→ **Supplied records**
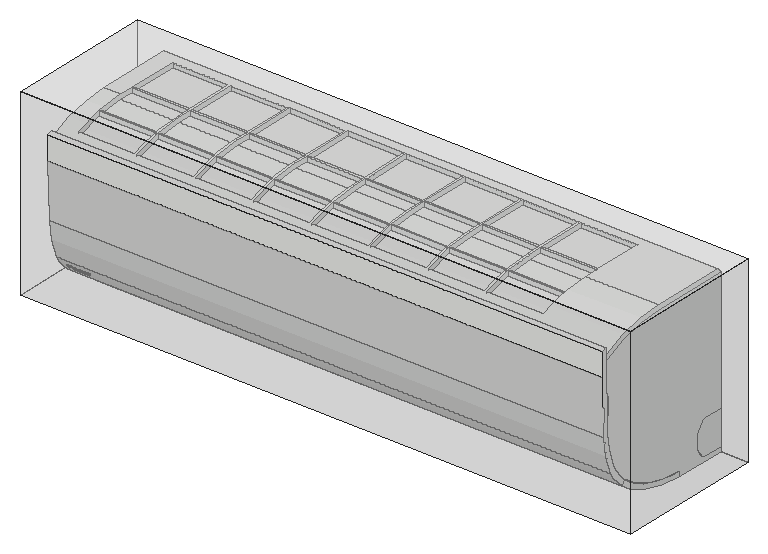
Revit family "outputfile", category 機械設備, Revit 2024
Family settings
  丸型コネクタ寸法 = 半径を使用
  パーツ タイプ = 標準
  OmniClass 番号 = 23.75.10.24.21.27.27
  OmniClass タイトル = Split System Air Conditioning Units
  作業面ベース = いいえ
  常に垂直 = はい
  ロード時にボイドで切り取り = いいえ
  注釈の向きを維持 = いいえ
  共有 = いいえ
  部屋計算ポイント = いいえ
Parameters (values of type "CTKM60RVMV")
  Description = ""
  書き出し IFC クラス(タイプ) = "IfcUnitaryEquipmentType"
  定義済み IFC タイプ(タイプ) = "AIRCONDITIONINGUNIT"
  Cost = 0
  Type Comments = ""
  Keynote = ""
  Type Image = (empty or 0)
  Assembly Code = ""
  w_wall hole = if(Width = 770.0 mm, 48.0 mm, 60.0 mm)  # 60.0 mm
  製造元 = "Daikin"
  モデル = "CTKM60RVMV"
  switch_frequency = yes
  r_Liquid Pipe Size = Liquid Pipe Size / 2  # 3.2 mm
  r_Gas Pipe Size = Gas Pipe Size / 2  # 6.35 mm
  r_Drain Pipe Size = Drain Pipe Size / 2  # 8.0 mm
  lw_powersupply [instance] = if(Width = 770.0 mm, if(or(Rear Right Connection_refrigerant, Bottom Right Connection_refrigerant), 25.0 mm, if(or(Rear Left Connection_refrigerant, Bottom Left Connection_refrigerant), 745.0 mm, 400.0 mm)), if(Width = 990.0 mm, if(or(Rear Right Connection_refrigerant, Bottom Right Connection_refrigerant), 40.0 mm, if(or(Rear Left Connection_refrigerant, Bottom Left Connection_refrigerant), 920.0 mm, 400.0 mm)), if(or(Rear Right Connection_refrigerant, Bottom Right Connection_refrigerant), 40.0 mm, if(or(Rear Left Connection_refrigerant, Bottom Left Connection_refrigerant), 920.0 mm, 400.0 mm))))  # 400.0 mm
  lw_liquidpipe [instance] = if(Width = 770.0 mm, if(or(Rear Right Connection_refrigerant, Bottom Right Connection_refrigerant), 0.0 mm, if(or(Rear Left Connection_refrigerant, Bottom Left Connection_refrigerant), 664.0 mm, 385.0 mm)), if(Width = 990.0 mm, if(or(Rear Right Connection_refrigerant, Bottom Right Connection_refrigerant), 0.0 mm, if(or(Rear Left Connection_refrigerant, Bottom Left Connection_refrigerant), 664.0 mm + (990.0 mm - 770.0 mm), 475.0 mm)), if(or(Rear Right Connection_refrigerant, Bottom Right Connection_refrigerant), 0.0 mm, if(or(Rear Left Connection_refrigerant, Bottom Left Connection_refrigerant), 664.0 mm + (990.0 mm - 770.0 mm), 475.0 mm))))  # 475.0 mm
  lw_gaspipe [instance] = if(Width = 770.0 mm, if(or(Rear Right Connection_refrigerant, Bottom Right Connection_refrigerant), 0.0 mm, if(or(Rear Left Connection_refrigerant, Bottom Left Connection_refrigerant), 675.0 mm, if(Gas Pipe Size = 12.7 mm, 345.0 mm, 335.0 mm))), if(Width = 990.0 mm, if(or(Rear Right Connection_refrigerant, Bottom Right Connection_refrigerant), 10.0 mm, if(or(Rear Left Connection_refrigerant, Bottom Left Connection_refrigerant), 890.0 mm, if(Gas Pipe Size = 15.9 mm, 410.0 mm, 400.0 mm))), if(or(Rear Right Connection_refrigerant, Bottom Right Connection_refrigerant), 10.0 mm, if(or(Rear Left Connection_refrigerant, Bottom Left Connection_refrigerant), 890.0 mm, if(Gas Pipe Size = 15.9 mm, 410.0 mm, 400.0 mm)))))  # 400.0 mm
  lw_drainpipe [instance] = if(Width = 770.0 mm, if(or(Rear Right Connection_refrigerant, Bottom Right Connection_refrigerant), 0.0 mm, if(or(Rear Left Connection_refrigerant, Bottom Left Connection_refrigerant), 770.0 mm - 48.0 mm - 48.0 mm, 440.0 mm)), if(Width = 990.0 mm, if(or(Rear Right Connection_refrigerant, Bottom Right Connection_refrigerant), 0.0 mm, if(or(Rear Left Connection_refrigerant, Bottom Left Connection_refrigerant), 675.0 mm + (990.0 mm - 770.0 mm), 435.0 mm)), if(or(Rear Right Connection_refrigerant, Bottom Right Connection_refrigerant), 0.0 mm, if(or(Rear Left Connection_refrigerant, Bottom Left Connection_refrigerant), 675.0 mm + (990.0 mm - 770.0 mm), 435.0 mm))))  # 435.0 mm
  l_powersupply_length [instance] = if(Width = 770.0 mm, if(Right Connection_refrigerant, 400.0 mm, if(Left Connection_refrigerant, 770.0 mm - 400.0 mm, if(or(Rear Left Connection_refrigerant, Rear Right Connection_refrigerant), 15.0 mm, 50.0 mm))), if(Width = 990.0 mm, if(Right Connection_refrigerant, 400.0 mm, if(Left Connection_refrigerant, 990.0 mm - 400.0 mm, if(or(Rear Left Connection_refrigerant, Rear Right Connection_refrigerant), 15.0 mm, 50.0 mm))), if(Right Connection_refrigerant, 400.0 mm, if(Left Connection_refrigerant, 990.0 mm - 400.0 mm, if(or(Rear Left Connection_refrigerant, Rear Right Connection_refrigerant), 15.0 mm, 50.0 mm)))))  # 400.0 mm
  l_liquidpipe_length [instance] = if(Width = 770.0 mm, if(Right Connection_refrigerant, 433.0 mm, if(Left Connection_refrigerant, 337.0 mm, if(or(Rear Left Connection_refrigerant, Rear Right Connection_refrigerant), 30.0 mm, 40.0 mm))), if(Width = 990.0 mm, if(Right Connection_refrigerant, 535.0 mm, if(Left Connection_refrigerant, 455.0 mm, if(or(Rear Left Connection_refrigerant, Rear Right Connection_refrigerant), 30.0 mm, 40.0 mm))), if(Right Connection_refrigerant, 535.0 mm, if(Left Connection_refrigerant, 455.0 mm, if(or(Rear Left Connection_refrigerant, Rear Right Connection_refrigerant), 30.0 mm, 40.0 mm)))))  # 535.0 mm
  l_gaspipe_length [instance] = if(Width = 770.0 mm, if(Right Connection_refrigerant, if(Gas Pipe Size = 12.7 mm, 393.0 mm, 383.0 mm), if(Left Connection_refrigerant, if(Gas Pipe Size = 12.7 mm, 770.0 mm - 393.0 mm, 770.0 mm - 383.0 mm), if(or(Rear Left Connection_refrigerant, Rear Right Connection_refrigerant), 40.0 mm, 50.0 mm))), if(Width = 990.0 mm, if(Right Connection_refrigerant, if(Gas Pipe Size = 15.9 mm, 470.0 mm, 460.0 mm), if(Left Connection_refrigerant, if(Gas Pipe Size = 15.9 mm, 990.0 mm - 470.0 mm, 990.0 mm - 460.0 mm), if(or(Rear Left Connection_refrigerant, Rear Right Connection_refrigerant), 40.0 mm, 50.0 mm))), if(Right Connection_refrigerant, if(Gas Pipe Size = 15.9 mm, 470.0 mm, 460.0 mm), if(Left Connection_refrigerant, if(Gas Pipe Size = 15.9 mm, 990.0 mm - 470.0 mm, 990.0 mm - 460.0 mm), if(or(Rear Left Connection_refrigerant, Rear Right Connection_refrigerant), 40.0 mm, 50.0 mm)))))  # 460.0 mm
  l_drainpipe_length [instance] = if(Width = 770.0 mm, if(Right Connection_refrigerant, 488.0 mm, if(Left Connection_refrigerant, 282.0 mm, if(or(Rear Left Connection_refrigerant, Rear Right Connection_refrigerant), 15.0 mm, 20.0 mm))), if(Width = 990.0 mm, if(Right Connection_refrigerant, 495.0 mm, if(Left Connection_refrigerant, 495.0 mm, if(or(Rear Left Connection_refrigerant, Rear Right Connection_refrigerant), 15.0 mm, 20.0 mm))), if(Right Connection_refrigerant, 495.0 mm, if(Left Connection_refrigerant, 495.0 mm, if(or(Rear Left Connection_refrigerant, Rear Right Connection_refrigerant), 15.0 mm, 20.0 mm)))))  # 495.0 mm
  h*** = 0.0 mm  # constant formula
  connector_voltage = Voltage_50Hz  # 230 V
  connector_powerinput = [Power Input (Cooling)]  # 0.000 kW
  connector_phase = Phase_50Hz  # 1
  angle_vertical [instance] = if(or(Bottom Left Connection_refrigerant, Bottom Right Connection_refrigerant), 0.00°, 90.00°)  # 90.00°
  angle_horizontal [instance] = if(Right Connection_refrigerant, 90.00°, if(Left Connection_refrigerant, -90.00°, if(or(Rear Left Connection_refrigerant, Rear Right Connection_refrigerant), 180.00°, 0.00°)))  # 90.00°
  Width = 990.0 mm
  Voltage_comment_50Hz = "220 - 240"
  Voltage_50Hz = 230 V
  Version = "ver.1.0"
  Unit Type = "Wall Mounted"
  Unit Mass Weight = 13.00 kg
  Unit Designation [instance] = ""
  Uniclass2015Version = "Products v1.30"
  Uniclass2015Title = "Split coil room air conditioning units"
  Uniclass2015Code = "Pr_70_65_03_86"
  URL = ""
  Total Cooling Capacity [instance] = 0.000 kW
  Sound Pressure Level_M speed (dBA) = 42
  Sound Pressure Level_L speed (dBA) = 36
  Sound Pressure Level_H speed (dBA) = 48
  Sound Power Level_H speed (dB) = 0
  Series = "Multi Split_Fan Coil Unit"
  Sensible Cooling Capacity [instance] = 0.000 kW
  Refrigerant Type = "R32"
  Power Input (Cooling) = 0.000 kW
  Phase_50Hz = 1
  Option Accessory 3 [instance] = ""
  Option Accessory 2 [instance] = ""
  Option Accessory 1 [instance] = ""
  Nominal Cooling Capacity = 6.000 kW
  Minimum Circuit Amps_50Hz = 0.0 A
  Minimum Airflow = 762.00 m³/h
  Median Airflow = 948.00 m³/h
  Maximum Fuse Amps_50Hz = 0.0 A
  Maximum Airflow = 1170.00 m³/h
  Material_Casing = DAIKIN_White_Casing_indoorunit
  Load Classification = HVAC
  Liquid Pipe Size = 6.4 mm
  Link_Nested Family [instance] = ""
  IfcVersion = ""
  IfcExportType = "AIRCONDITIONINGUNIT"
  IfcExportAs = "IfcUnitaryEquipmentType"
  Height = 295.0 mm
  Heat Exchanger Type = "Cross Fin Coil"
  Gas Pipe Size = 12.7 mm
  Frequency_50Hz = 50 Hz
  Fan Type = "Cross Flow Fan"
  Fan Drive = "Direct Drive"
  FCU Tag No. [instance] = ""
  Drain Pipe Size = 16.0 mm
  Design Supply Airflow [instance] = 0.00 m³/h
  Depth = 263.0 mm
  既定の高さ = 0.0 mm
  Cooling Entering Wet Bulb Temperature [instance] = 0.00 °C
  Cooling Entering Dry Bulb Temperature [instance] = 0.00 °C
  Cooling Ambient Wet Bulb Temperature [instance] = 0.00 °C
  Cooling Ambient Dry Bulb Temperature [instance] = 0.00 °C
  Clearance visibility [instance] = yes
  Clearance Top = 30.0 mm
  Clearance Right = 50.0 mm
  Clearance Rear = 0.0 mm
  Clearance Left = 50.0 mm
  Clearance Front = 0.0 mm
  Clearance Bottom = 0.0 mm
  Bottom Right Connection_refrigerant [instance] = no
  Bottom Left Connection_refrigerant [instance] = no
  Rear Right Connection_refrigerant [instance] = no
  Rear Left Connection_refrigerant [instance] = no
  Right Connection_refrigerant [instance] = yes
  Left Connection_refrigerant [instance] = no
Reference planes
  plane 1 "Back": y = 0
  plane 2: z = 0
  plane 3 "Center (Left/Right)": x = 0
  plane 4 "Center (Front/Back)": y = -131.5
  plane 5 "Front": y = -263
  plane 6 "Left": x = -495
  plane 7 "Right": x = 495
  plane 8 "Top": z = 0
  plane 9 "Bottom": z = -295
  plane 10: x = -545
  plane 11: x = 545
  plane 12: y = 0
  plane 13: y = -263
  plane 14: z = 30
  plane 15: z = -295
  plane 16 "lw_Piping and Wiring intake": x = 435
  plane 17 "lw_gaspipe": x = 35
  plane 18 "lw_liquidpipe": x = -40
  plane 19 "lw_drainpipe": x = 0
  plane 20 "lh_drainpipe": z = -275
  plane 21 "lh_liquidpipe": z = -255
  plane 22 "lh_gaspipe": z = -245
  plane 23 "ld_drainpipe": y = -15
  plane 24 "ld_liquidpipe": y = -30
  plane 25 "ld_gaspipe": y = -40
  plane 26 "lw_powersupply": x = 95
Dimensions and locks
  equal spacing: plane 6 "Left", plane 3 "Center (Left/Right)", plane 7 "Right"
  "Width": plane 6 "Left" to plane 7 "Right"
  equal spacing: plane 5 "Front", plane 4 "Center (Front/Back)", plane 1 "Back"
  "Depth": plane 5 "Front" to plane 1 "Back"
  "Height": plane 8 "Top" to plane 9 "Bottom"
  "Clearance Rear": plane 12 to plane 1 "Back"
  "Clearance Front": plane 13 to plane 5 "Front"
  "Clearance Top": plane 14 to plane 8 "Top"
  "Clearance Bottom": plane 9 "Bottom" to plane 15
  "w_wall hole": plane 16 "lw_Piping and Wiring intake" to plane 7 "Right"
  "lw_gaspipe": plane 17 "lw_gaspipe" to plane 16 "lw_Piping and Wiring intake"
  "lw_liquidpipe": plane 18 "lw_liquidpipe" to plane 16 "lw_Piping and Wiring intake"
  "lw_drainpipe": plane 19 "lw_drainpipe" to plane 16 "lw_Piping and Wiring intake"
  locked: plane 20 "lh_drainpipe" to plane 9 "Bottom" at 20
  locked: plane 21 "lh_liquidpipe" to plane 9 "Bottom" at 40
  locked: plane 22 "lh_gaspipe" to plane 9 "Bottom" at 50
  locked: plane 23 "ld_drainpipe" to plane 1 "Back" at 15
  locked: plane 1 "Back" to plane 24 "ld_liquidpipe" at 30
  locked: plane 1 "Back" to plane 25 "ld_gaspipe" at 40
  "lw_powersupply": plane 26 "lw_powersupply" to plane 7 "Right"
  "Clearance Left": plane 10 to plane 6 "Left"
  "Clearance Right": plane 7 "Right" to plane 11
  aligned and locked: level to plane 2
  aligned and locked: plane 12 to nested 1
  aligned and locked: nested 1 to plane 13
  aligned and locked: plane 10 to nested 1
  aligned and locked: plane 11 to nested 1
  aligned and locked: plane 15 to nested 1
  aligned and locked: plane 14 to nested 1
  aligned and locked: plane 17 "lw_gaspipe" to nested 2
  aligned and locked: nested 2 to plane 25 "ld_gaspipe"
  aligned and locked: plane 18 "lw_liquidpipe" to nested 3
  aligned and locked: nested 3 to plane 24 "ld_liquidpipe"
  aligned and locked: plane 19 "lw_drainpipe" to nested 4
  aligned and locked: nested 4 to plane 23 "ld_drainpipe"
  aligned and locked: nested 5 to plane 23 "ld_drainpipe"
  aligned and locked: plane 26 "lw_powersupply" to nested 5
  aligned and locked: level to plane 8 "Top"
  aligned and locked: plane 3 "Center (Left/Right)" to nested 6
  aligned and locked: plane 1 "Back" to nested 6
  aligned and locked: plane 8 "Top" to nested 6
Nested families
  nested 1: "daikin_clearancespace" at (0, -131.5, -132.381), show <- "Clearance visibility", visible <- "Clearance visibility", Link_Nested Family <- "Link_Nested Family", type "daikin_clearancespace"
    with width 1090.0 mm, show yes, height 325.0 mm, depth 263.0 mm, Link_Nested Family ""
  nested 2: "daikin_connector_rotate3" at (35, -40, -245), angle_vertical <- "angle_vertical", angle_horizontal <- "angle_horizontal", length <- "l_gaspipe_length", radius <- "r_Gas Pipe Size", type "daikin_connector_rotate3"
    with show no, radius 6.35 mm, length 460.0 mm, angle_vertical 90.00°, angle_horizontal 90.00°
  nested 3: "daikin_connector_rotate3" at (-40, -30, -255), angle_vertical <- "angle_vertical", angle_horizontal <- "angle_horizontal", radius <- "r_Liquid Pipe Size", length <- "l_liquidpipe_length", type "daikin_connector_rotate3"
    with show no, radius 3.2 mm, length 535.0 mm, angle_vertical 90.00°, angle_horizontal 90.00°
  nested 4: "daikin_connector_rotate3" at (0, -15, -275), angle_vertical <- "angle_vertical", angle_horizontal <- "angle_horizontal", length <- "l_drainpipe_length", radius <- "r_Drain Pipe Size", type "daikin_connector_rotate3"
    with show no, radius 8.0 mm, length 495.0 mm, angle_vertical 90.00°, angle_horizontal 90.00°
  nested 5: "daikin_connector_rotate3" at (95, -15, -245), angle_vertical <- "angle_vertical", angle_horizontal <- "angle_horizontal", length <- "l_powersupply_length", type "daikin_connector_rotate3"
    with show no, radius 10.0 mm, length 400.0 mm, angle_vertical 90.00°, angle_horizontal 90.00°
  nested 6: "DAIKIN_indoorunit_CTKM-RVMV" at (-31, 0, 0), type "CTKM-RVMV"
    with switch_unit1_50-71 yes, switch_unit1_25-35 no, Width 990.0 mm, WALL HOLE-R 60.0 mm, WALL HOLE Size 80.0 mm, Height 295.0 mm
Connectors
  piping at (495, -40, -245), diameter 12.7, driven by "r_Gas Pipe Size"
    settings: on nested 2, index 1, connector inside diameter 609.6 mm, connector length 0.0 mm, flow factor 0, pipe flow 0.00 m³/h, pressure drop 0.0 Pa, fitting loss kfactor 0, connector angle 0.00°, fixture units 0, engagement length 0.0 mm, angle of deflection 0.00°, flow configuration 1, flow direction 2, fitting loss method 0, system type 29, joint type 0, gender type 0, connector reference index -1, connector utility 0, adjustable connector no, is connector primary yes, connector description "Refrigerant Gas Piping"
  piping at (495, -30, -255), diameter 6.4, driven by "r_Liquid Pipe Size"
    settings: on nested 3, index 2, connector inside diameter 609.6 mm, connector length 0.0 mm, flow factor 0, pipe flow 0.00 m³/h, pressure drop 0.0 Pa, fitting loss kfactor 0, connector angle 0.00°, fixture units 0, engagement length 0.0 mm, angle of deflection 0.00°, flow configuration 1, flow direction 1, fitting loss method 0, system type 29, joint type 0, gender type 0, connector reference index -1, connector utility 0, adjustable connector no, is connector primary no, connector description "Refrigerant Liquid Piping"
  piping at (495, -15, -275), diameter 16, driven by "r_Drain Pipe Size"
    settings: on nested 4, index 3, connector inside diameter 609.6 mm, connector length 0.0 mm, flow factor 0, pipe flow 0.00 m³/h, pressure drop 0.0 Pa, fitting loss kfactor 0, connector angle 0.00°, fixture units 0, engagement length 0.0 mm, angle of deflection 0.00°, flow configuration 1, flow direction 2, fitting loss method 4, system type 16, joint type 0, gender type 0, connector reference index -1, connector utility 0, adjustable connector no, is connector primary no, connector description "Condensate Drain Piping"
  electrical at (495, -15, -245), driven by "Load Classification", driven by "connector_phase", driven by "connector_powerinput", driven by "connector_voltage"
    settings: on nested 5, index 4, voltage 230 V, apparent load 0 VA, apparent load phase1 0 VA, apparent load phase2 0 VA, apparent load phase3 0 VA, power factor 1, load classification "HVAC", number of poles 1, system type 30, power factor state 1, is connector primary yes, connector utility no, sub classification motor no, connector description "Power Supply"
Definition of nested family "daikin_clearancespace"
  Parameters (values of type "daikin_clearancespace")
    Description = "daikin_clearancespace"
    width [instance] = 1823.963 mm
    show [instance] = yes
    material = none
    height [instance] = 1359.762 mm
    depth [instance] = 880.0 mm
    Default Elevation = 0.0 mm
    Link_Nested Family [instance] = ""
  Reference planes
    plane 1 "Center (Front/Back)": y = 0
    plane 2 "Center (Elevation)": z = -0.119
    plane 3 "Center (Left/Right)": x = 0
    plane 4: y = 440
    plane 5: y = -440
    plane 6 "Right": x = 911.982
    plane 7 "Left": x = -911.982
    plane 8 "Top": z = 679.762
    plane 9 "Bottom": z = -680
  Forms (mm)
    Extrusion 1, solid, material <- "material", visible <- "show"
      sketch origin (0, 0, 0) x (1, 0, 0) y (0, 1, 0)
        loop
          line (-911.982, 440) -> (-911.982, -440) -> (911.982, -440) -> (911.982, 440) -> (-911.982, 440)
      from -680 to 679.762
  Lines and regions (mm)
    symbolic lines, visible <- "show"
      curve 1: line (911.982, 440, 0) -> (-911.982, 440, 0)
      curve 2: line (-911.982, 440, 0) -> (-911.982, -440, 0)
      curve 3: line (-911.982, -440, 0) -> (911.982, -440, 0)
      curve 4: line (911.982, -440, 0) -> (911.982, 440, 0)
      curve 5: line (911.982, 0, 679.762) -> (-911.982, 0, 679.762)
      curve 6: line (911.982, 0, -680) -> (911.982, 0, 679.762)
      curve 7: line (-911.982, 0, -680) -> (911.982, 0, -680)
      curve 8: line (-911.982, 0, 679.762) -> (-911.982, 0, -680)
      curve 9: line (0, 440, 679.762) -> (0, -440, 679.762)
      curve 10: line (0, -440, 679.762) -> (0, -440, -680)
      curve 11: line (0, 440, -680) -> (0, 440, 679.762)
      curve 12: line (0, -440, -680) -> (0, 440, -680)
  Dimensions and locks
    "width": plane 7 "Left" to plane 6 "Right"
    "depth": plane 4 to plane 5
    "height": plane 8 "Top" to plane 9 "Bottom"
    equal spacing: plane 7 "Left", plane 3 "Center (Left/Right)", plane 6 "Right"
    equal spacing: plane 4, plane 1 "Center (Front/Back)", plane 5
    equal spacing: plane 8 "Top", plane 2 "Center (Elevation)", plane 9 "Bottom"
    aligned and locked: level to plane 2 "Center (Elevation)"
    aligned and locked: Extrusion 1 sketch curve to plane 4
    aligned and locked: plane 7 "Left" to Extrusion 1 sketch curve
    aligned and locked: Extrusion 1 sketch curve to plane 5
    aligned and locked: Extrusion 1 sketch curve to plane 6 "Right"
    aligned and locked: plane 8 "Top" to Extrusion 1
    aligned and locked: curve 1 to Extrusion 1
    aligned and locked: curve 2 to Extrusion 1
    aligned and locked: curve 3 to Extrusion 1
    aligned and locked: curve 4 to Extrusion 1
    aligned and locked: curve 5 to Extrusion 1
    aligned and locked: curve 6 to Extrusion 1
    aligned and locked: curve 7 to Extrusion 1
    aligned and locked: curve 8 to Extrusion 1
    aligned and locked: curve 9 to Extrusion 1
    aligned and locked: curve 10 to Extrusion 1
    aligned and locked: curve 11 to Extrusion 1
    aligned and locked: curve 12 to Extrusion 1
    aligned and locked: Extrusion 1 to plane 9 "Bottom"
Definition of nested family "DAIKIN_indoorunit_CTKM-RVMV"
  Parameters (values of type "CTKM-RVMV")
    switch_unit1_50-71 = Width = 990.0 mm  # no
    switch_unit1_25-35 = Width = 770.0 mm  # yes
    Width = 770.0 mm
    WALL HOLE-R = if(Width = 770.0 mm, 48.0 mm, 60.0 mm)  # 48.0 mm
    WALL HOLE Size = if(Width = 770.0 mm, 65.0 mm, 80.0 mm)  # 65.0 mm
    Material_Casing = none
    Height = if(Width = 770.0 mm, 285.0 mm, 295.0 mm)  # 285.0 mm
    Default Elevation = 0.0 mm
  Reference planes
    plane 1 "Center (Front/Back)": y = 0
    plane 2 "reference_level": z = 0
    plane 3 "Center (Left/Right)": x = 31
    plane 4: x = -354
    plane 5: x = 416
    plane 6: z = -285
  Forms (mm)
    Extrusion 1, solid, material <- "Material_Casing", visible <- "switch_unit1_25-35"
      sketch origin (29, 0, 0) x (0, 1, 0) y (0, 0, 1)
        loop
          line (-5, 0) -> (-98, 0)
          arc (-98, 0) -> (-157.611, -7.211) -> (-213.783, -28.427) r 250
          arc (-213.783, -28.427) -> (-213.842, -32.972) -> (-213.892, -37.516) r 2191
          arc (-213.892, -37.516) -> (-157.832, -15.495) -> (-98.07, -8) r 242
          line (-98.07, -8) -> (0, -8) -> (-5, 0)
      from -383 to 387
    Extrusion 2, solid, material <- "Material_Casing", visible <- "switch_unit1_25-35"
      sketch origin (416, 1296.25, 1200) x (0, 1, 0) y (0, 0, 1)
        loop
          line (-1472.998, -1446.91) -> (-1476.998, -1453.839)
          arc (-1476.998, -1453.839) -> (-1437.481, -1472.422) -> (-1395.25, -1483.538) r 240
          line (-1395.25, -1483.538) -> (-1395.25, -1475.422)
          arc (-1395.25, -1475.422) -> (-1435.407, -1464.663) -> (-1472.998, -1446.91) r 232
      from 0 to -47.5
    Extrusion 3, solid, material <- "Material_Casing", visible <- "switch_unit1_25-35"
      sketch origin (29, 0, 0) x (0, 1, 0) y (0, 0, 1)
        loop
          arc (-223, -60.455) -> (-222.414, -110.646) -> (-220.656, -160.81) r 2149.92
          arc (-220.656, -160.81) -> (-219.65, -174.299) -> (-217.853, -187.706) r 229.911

→ **Work instructions**
Retype the entries above exactly. Stop after the line containing "r_Drain Pipe Size = Drain", and omit the pictures.

→ **Response**
Revit family "outputfile", category 機械設備, Revit 2024
Family settings
  丸型コネクタ寸法 = 半径を使用
  パーツ タイプ = 標準
  OmniClass 番号 = 23.75.10.24.21.27.27
  OmniClass タイトル = Split System Air Conditioning Units
  作業面ベース = いいえ
  常に垂直 = はい
  ロード時にボイドで切り取り = いいえ
  注釈の向きを維持 = いいえ
  共有 = いいえ
  部屋計算ポイント = いいえ
Parameters (values of type "CTKM60RVMV")
  Description = ""
  書き出し IFC クラス(タイプ) = "IfcUnitaryEquipmentType"
  定義済み IFC タイプ(タイプ) = "AIRCONDITIONINGUNIT"
  Cost = 0
  Type Comments = ""
  Keynote = ""
  Type Image = (empty or 0)
  Assembly Code = ""
  w_wall hole = if(Width = 770.0 mm, 48.0 mm, 60.0 mm)  # 60.0 mm
  製造元 = "Daikin"
  モデル = "CTKM60RVMV"
  switch_frequency = yes
  r_Liquid Pipe Size = Liquid Pipe Size / 2  # 3.2 mm
  r_Gas Pipe Size = Gas Pipe Size / 2  # 6.35 mm
  r_Drain Pipe Size = Drain Pipe Size / 2  # 8.0 mm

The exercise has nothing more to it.